I suggest that it's a P14 that has been incorrectly registered as a P13. Nothing in the (poor) pics makes me think otherwise, but I'm no expert on these things. If I thought otherwise, I would have bought it in an instant.

Regardless, it's a nice sporter and priced to sell.
 
Here's a thread where I posted photos of an actual Pattern 1913 sporter in .276. I am willing to bet the rifle in question in the original post is simply registered incorrectly. If the owner would let us know how many digits are in the serial number we can probably solve the mystery, since only a few thousand P'13s were ever made.
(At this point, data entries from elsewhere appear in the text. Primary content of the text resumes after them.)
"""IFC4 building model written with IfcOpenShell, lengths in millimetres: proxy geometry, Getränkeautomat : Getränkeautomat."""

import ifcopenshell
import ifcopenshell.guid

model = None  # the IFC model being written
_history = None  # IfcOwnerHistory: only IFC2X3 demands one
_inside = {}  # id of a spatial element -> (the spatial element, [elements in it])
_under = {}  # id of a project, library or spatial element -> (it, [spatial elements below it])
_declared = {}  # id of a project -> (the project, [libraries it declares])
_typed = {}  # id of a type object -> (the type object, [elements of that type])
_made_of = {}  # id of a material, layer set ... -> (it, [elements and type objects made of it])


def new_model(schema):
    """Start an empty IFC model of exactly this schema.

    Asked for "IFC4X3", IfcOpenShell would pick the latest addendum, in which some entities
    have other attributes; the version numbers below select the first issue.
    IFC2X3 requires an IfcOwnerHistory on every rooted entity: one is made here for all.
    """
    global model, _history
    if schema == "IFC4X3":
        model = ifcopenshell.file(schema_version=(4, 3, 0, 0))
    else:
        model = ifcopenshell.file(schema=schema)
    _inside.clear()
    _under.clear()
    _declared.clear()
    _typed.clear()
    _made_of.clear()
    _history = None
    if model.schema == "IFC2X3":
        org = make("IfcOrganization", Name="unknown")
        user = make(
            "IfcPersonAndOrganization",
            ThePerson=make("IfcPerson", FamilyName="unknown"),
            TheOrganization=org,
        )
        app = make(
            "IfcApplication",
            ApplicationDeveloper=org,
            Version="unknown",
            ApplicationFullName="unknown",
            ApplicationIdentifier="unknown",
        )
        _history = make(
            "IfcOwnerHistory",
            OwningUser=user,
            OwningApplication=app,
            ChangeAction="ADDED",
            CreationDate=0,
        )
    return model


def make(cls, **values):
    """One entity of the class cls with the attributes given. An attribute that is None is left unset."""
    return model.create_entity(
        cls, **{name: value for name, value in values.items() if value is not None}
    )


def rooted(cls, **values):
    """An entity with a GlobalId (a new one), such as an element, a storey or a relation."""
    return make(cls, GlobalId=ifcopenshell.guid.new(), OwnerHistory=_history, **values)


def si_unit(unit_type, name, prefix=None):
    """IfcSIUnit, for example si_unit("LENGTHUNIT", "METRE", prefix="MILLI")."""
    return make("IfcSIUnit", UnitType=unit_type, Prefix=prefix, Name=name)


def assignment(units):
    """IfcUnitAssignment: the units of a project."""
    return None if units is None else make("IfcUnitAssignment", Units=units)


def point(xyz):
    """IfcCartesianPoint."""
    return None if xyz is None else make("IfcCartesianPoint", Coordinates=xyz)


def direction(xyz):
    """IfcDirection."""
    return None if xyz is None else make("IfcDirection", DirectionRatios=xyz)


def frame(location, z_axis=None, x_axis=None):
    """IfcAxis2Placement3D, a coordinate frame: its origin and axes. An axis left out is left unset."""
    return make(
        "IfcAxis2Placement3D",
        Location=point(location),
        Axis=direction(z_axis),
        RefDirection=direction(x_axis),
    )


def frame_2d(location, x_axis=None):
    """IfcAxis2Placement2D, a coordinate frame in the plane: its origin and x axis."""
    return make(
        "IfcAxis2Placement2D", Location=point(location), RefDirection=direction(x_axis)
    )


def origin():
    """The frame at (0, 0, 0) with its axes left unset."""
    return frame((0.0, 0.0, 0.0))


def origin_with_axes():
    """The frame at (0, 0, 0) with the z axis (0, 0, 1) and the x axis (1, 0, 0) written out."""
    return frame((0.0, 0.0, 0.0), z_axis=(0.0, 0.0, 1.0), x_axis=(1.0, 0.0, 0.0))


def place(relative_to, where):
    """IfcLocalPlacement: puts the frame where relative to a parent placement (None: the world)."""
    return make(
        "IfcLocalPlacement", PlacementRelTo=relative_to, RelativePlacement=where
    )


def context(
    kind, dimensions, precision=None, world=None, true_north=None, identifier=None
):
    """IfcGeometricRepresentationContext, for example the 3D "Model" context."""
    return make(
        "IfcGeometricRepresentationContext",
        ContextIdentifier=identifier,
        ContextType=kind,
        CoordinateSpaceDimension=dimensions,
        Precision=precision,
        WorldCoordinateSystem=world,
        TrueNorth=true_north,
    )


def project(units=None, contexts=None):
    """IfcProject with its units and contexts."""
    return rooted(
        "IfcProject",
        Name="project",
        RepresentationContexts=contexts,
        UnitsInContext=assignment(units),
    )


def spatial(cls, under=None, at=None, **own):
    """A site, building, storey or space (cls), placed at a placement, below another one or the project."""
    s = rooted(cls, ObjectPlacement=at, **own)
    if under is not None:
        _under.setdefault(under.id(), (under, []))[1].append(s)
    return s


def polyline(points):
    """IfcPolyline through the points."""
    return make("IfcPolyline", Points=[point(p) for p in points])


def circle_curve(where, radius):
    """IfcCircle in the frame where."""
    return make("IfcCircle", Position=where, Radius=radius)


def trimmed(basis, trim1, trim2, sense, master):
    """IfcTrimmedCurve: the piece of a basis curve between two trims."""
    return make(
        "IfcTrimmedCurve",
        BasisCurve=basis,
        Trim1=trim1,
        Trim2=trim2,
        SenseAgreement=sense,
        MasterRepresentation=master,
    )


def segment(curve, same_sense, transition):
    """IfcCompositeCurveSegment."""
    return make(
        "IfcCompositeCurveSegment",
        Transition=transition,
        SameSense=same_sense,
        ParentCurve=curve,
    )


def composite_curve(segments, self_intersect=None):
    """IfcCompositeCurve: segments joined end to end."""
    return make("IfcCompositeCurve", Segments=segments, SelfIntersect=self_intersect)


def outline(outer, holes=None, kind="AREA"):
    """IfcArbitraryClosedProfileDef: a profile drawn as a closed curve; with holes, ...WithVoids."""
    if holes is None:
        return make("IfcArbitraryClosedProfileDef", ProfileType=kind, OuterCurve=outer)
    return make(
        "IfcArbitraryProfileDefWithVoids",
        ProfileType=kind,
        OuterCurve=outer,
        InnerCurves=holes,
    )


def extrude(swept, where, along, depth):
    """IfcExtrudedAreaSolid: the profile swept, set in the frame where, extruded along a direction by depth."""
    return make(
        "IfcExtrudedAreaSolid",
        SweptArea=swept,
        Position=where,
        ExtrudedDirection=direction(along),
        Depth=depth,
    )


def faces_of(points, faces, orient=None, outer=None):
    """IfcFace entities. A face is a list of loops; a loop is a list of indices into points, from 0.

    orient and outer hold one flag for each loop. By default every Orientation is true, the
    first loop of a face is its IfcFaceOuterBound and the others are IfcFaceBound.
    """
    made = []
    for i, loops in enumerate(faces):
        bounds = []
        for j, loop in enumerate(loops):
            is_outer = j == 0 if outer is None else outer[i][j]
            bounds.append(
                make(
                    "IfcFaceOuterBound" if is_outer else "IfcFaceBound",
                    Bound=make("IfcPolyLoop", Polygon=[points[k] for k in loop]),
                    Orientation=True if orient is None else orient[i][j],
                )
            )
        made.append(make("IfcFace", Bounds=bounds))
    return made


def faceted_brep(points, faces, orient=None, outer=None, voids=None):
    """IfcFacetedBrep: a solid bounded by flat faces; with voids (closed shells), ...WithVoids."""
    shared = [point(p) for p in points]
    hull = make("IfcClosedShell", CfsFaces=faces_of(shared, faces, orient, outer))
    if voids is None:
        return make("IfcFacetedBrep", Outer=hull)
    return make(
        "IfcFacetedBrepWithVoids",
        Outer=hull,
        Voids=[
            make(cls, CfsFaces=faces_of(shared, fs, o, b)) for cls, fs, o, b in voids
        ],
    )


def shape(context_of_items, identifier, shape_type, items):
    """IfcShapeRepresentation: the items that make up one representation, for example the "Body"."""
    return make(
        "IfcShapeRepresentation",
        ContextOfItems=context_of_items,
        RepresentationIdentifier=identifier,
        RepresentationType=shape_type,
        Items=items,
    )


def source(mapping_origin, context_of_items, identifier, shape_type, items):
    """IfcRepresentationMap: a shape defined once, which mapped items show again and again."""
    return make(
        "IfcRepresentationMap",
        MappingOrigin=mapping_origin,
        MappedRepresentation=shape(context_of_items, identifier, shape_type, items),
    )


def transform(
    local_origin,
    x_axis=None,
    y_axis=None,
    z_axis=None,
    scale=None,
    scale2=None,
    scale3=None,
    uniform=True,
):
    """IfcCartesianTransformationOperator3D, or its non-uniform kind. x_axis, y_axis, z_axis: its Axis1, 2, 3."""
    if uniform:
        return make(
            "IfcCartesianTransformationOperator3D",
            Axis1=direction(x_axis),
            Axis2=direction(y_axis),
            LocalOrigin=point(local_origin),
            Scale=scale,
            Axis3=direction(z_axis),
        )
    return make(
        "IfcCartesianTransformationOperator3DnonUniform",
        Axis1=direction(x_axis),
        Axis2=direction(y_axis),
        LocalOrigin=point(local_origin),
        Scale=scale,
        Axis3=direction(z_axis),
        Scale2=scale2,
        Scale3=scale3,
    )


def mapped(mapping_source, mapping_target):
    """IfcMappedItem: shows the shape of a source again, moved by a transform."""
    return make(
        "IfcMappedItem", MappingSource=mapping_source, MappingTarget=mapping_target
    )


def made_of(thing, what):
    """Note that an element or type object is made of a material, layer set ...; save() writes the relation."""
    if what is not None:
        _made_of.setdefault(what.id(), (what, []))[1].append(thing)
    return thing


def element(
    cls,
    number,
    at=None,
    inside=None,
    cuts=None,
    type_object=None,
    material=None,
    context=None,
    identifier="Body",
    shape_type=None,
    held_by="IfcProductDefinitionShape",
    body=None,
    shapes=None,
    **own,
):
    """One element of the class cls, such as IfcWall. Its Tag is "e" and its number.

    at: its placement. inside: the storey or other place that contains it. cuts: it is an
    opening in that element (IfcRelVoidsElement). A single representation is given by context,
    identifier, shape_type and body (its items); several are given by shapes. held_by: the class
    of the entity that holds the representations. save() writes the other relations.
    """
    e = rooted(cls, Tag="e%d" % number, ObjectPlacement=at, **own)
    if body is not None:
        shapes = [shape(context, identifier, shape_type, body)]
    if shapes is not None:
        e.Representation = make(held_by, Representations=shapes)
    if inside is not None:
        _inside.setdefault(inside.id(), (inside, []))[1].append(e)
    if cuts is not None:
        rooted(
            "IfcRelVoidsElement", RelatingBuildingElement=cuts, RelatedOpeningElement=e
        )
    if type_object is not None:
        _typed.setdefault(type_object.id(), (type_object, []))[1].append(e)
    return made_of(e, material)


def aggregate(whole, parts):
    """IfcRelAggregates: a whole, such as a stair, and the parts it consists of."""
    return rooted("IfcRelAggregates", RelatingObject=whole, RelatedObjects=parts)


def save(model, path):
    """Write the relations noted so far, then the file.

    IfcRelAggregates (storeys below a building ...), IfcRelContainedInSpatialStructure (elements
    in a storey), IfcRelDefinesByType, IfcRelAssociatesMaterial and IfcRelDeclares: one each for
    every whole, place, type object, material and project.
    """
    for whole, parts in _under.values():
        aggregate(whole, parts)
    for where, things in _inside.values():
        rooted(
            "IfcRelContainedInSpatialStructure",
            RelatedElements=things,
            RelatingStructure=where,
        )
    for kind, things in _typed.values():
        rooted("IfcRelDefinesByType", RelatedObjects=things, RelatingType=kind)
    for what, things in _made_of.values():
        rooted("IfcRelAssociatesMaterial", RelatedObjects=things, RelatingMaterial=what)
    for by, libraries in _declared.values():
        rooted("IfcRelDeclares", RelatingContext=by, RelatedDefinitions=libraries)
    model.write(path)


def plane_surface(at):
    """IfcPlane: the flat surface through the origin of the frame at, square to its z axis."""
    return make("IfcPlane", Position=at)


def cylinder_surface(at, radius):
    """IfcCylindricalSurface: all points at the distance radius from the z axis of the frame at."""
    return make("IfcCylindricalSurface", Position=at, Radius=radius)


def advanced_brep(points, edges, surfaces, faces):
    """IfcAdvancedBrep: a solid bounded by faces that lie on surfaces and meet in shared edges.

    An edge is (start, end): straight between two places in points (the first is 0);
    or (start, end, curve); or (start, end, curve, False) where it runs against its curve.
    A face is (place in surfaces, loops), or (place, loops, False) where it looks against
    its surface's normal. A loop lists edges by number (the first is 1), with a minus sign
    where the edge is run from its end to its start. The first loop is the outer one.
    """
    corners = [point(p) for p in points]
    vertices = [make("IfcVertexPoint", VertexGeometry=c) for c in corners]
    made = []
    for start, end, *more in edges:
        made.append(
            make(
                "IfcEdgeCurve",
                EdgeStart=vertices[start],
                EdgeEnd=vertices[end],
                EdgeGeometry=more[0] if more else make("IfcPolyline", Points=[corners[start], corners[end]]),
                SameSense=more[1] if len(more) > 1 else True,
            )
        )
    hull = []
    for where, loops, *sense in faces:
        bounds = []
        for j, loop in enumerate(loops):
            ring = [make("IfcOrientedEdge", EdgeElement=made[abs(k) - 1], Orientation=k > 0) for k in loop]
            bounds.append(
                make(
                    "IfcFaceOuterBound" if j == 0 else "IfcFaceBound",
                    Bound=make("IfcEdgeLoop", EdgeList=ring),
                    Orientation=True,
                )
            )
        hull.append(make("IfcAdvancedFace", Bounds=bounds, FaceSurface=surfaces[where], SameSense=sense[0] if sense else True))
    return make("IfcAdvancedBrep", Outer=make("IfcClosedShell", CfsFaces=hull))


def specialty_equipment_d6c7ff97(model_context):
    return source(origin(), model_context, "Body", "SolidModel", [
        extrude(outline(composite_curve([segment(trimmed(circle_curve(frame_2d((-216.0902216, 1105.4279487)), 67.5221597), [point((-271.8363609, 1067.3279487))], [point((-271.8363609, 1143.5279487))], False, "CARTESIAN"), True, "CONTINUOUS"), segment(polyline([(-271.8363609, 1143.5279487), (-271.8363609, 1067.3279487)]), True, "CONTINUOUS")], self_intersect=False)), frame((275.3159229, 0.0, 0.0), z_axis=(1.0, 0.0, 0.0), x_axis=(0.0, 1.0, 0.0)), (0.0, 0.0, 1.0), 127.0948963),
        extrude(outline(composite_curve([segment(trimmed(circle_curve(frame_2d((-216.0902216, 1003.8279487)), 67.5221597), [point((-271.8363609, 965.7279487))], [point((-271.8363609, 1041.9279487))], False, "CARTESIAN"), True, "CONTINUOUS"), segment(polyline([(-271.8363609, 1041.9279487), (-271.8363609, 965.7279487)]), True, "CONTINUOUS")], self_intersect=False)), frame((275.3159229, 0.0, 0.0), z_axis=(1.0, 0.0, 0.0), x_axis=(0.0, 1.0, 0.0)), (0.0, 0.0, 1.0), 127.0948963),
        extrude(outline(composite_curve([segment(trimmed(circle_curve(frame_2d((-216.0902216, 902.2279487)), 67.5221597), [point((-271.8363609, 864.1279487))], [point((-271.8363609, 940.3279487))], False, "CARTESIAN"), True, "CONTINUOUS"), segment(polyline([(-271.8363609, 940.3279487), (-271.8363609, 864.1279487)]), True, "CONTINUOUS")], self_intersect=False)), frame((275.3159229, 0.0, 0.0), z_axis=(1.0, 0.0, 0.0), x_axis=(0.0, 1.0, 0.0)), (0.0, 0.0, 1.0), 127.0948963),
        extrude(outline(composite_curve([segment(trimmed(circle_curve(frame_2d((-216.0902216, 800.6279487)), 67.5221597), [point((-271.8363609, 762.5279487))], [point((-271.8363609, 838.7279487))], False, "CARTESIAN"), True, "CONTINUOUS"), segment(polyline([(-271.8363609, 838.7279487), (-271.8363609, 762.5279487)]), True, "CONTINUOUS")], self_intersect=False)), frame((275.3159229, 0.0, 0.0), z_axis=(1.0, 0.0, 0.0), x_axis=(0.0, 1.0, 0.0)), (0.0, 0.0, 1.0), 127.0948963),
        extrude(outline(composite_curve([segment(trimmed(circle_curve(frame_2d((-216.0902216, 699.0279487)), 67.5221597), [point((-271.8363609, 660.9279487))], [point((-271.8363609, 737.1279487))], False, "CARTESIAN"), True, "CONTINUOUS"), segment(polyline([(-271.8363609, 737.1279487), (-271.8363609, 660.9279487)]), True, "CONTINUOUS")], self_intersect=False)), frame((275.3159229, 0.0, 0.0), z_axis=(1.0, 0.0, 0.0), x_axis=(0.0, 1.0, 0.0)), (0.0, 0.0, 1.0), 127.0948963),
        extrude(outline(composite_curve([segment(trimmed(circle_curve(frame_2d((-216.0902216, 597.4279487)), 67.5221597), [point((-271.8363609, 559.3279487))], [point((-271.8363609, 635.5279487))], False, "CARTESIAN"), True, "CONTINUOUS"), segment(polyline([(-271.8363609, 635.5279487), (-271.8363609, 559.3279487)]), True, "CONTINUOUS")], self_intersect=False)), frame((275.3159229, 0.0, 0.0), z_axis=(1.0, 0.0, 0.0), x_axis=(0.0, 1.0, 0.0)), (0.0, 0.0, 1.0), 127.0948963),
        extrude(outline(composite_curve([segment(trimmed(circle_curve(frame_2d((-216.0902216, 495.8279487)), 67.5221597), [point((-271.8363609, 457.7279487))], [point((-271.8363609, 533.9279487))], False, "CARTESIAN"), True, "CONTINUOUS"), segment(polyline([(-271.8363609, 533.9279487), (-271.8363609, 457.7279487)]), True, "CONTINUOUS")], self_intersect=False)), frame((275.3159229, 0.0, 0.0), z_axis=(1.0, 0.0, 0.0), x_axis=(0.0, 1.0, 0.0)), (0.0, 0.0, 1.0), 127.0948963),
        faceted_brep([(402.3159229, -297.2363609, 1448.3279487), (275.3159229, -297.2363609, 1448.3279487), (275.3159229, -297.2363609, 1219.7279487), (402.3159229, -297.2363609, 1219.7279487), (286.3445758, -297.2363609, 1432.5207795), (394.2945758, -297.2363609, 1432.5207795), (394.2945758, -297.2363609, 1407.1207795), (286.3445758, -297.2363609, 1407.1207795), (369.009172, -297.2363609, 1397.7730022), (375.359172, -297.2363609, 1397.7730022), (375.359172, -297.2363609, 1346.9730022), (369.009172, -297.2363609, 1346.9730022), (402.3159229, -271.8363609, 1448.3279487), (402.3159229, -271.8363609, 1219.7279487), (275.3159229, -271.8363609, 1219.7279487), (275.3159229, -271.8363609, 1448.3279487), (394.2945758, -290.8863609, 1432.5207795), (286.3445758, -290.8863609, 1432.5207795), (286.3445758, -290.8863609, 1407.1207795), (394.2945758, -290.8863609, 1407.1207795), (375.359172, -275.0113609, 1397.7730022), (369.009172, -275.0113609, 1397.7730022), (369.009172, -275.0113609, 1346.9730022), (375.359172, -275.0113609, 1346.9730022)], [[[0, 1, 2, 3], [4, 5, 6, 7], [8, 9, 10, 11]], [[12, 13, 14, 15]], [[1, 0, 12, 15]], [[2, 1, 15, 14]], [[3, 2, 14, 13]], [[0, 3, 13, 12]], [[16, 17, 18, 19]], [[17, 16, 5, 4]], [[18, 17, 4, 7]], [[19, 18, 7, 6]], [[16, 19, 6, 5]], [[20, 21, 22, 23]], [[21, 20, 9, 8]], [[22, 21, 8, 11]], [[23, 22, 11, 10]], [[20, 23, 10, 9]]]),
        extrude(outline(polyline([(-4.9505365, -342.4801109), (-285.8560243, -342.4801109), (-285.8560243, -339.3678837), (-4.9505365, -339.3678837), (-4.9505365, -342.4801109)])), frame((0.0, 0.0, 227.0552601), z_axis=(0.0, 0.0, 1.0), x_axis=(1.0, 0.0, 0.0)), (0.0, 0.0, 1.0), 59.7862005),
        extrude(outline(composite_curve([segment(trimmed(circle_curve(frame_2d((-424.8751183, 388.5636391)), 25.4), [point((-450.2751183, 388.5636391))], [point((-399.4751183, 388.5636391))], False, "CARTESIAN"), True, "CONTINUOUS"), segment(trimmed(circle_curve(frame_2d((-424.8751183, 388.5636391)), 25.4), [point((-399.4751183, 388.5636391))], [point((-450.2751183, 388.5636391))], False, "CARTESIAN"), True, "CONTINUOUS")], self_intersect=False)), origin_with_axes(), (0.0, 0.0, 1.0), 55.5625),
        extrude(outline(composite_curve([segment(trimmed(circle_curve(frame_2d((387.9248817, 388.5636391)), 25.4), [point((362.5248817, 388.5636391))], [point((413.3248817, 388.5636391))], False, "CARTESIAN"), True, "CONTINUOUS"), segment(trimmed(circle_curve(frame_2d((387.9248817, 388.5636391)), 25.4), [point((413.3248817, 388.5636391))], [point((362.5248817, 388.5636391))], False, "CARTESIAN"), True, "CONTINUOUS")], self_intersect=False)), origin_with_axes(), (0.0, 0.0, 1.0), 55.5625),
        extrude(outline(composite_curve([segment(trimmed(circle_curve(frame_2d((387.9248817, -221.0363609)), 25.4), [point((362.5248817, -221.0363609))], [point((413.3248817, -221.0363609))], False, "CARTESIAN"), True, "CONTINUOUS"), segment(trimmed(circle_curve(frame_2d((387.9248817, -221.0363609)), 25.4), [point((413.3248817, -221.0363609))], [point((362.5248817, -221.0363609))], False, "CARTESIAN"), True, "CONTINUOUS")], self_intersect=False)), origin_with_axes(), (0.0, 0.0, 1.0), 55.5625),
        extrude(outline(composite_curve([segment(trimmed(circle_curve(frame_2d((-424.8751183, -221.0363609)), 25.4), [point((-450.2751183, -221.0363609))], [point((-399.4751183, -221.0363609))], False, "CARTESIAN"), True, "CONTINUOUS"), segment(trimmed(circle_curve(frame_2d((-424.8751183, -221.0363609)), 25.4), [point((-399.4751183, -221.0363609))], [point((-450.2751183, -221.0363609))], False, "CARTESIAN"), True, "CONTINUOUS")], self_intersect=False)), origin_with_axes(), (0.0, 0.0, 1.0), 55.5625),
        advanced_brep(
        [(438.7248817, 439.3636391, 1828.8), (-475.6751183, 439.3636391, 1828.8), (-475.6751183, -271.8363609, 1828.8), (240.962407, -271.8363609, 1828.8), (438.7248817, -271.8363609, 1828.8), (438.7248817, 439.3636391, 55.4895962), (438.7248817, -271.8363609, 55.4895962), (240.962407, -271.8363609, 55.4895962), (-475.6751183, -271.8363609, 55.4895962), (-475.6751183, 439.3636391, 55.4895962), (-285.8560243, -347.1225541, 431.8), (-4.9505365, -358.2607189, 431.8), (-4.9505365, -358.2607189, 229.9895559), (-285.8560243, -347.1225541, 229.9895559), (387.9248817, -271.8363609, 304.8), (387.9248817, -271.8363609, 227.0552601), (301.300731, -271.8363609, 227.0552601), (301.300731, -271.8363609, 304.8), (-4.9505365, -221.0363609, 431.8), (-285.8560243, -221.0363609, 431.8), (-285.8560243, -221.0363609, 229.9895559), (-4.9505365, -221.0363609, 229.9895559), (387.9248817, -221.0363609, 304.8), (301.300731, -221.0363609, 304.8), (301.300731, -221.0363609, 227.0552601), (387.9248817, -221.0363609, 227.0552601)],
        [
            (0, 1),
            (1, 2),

http://www.canadiangunnutz.com/forum/showthread.php?t=485498&highlight=pattern+1913&page=3
 
The rifle looks for all the world like one of the P-14s that BSA sporterized in the 1950s.
Good hunting rifles.
 
since the rifle has been ''sporterized''anyway [I refuse to call a fine conversion of a military rifle into a hunting rifle ''bubba'd''] I'm wondering-as far as a hunting rifle-which would be better-the Lee Enfield or the P14?
 
Well - The LE is lighter, cycles better, and has a detachable mag... P-14's are not noted for feeding particularly well. BSA modified the feed rails on their P-14 sporters to this end. Unfortunately, the mod often makes matters worse - as I have seen on two BSA's.
 
The P-`14 might not be the slickest-feeding rifle ever made, but it has one thing going for it: accuracy. That heavy barrel, plus Enfield rifling, can do some amazing things. I have a Bubba P-14 and a BSA sporter M-1917. Both are scoped because they are both one-holers if you feed them what they want. P-14 likes the Hornady 150 over 40 of 4064, seating so the cannelure shows. Nice and quick and cheap oin targets because you use the same hole all day long.

Wheaty, I just read your post. Think I`m going to head down to the cardiac ward and check myself in for a few days.

OTOH, there are some P-14s about with low numbers. W305 is hiding around here somewhere. Second pre-production batch from Winchester, a I rifle starred to I*, real early barrel date. I need wood for it.